Passage du Convoi cette Nuit
Autrice : Anne-Christine TINEL
Ce texte est en lice pour l’Eclat de Cœurs 2022
Résumé
Une enfant, Dina, part pour quatre jours en vacances seule avec sa mère handicapée mentale dans un hameau proche d’une usine fabriquant des avions. Elle y rencontre deux jeunes de son âge, Samuel et Solène, avec qui elle va se lier. Les trois enfants pensent avoir trouvé la manière de guérir la mère de Dina. Ils décident de mettre en application leur plan et sont stoppés in extremis par les parents de ses deux nouveaux amis. Finalement, ce n’est pas si mal d’avoir un peu de vide en soi !
« un peu de vide par-ci par-là, ça te laisse bouger les rêves, quand c’est trop plein on rêve pas »
Ce qu’en pensent nos lecteurs/lectrices (extraits des fiches de lecture)
Ce texte est composé de scènes très courtes, et certains titres sont bien trouvés car ils évoquent un peu l’aventure tels que « Echouer sur l’île après la tempête » ou « les autochtones »…car il s’agit bien là pour moi d’une aventure, celle de l’enfance, ce territoire inconnu et vaste mais surtout celui de tous les possibles.

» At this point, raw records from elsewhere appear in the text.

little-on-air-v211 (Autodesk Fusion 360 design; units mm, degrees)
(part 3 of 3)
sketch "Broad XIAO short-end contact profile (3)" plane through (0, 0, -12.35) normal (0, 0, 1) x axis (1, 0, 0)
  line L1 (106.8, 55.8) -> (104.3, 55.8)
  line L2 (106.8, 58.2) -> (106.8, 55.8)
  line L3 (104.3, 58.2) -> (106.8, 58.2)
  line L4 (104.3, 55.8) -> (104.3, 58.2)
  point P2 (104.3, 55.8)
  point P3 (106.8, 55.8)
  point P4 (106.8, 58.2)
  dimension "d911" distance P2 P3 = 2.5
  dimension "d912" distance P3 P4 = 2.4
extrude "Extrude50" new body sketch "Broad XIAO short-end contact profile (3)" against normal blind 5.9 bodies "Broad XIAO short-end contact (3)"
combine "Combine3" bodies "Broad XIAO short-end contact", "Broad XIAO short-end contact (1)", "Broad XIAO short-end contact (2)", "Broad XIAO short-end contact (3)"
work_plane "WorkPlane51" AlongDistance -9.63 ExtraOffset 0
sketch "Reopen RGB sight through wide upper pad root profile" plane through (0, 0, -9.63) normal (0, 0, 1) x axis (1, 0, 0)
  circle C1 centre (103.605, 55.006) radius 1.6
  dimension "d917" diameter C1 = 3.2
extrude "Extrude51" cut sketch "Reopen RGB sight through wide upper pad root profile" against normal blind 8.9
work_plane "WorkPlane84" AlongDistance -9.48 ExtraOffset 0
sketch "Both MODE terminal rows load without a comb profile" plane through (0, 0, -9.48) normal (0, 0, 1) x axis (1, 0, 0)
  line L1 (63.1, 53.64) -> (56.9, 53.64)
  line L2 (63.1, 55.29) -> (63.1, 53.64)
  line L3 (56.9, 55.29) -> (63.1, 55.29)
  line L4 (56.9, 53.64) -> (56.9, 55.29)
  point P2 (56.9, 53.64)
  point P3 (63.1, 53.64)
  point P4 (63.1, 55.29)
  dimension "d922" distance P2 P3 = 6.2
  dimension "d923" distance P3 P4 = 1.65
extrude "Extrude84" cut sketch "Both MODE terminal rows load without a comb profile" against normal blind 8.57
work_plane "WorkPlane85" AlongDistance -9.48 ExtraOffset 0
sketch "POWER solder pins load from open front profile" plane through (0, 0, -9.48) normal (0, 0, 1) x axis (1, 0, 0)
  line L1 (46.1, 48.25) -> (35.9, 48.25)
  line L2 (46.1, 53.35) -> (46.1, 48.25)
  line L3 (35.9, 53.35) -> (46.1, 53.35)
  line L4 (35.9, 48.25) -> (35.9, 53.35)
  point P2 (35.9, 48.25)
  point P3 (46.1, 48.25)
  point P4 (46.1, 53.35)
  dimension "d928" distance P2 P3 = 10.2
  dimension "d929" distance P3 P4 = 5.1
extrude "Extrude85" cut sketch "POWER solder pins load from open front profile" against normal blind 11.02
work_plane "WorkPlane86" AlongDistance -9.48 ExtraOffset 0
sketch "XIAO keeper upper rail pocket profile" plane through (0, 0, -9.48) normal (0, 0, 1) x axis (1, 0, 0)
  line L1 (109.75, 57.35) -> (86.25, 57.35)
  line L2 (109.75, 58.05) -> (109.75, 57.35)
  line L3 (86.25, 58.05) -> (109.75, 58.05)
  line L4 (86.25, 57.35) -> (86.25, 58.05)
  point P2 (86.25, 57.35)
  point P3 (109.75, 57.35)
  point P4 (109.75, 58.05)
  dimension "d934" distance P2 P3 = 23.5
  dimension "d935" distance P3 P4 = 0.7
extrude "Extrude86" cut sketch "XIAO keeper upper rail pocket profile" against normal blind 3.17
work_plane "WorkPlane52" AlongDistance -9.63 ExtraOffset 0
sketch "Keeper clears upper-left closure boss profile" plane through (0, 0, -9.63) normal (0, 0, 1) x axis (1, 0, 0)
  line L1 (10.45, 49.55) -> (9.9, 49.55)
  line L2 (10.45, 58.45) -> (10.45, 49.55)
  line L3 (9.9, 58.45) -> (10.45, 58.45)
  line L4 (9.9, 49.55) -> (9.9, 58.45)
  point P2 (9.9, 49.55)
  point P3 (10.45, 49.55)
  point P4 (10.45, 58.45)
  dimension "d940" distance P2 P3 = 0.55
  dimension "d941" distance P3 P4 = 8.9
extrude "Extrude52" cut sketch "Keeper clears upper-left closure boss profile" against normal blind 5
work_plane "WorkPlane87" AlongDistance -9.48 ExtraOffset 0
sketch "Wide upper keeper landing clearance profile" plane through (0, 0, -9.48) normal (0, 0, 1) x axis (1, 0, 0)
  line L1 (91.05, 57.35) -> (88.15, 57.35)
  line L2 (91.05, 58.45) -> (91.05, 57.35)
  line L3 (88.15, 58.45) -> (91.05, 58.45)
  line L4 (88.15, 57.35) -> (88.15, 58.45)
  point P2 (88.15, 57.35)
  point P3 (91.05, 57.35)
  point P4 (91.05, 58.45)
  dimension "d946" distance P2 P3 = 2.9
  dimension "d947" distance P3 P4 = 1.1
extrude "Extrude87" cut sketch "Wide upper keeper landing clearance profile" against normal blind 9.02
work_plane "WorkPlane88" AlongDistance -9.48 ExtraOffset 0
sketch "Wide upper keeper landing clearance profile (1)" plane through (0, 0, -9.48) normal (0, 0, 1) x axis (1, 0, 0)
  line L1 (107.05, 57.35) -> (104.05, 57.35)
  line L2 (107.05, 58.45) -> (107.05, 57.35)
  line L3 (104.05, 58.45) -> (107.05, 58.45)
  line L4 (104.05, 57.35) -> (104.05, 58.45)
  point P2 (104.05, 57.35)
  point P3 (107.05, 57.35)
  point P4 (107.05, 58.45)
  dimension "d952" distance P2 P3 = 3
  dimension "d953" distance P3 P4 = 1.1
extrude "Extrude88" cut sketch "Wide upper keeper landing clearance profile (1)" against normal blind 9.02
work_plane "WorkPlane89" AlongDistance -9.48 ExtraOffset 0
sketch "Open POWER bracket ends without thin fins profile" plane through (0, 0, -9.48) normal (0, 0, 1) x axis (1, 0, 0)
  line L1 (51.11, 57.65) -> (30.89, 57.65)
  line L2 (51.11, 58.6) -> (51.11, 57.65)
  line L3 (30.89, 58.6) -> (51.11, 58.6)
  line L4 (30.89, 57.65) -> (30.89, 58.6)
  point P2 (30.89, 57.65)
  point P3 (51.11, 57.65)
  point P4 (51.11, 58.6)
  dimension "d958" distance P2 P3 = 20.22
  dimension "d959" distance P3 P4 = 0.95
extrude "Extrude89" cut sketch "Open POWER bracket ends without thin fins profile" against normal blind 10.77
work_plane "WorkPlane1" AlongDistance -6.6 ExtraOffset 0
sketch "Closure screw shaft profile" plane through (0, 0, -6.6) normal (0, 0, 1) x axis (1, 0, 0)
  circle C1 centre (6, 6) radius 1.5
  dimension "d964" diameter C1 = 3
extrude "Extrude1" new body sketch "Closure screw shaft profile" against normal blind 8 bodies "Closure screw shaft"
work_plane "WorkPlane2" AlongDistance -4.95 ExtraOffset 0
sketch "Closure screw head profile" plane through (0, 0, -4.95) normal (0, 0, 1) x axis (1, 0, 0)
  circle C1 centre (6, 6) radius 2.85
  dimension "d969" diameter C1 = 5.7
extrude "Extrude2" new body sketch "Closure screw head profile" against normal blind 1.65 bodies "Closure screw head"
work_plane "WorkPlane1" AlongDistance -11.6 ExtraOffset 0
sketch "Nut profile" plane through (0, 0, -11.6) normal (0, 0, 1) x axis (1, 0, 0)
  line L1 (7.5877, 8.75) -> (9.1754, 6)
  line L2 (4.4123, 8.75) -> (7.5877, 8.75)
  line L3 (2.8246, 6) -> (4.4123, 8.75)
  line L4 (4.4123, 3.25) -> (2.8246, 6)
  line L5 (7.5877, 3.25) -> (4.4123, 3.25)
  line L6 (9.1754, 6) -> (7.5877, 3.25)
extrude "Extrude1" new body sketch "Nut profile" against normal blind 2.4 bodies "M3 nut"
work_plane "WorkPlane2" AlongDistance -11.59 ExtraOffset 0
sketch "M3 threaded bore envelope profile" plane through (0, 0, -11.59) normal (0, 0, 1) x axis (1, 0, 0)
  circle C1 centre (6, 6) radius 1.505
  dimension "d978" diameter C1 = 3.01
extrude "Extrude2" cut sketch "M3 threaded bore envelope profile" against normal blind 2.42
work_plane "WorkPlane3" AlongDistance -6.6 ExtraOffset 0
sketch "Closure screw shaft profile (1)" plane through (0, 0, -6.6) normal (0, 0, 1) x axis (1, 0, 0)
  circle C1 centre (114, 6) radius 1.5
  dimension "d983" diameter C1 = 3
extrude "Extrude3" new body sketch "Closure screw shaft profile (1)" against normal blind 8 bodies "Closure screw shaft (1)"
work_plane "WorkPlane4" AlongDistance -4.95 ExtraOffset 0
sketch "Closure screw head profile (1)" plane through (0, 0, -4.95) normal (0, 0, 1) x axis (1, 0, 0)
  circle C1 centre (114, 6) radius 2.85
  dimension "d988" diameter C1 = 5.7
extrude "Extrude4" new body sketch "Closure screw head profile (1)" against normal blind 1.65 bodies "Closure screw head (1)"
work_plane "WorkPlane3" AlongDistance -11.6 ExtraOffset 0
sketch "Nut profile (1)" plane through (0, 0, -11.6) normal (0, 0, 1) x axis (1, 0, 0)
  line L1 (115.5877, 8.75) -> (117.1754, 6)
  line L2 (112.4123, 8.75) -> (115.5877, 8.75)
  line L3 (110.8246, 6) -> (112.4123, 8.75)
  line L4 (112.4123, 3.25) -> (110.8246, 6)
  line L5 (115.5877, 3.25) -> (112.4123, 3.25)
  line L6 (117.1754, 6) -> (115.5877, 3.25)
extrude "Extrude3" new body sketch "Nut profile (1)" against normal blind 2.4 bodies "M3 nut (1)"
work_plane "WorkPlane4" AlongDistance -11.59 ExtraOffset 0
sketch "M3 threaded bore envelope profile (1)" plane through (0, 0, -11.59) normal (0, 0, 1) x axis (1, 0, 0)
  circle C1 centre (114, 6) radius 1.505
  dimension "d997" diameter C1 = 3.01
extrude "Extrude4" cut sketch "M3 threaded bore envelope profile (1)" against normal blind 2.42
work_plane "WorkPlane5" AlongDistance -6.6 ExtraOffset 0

Le jeu est un élément fort de ce texte, jouer à faire croire que notre vie est différente de ce qu’elle est en réalité, j’ai été très touchée par la tristesse douce-amère qui se dégage de ce texte, une sensation de nostalgie de ce temps d’enfance que l’on a connu et qui n’est plus aujourd’hui…un peu comme lorsque j’avais lu la trilogie de Pagnol surtout le dernier « Le temps des secrets ».
L’écriture de ce texte est très belle et poétique je cite un passage dit par Dina à son arrivée à Volvestre « Le car penche, on descend les marches, ça tremble, ça chatouille les mollets, les dents. Maman porte les valises. Elle a des bras forts. Dehors ça souffle comme un four chaud autour du rôti. Le car barrit, ça pétarade, on se tord les chevilles dans l’herbe brulée…La route, elle a des pansements clairs. »
Nicoletta
Un texte en rythme, en creux, qui laisse place au jeu du comédien /de la comédienne, à l’imaginaire des spectateurices. De la place dans le texte pour nous, lecteurices qui allons y prendre part. Cette place, ce creux, c’est du vide nécessaire, comme le vide dans la mère de Dina, comme le vide qui fait flotter les rêves dans le corps des enfants. Et ça marche, c’est étrange au début, comme la mère de Dina, mais ça marche et drôlement bien. L’embarquement est immédiat, d’abord dans le langage, celui de Dina. On voit tout, on comprend tout, dans ses phrases courtes, qui laissent nos déductions en suspens, le désir de voir où elle va, où elle nous emmène comme ça, déterminée, courageuse, pour trois nuits et quatre jours, seule avec sa maman. On s’attache vite et intensément aux personnages, à leurs relations. Le langage imagé semi-inventé-décalé de Solène est tout aussi créatif et enthousiasmant. Je suis retombée en enfance, et moi aussi j’ai voulu croire à leur plan improbable pour aider la mère de Dina.
L’écriture fait aussi beaucoup appel à nos sens, aux sensations, au ressenti. […]Ces mots passent par nos corps, les interpellent, les chatouillent du dedans. Et tout ce vocabulaire ultra-sensitif vient rebondir contre le corps mou et immobile de la mère-poupée de chiffon. Je trouve ce contraste très beau. Ce n’est pas une opposition, mais une mise en lumière de plusieurs réalités, une façon délicate et poétique de célébrer nos différences.
Elsa
Autant le dire de suite, j’adore cette pièce. Le thème abordé n’est pas facile à traiter, et par le biais de l’amour fille-mère et mère-fille qui transparaît en filigrane tout au long de la pièce aussi bien dans les répliques de Dina que dans ses actes, le propos en ressort grandi.
Il y a longtemps que je n’avais pas lu une pièce qui me plaise autant. Enfin dirais-je ! Elle est un concentré d’émotions, de poésies, de trouvailles, d’amour, de philosophie. C’est une pièce à
l’écriture simple mais efficace, d’une intelligence indéniable, pleine de finesse, de douceur et de délicatesse.
C’est une pièce riche de tant de choses : l’inventivité lexicale du langage de Solène et Samuel qui n’entrave en rien la bonne compréhension du propos, la façon dont les enfants traduisent le handicap dont souffre la mère, comment ils s’en emparent, comment ils sont capables de voir le monde différemment en s’en imprégnant… Vraiment, une pièce magnifique, très réussie.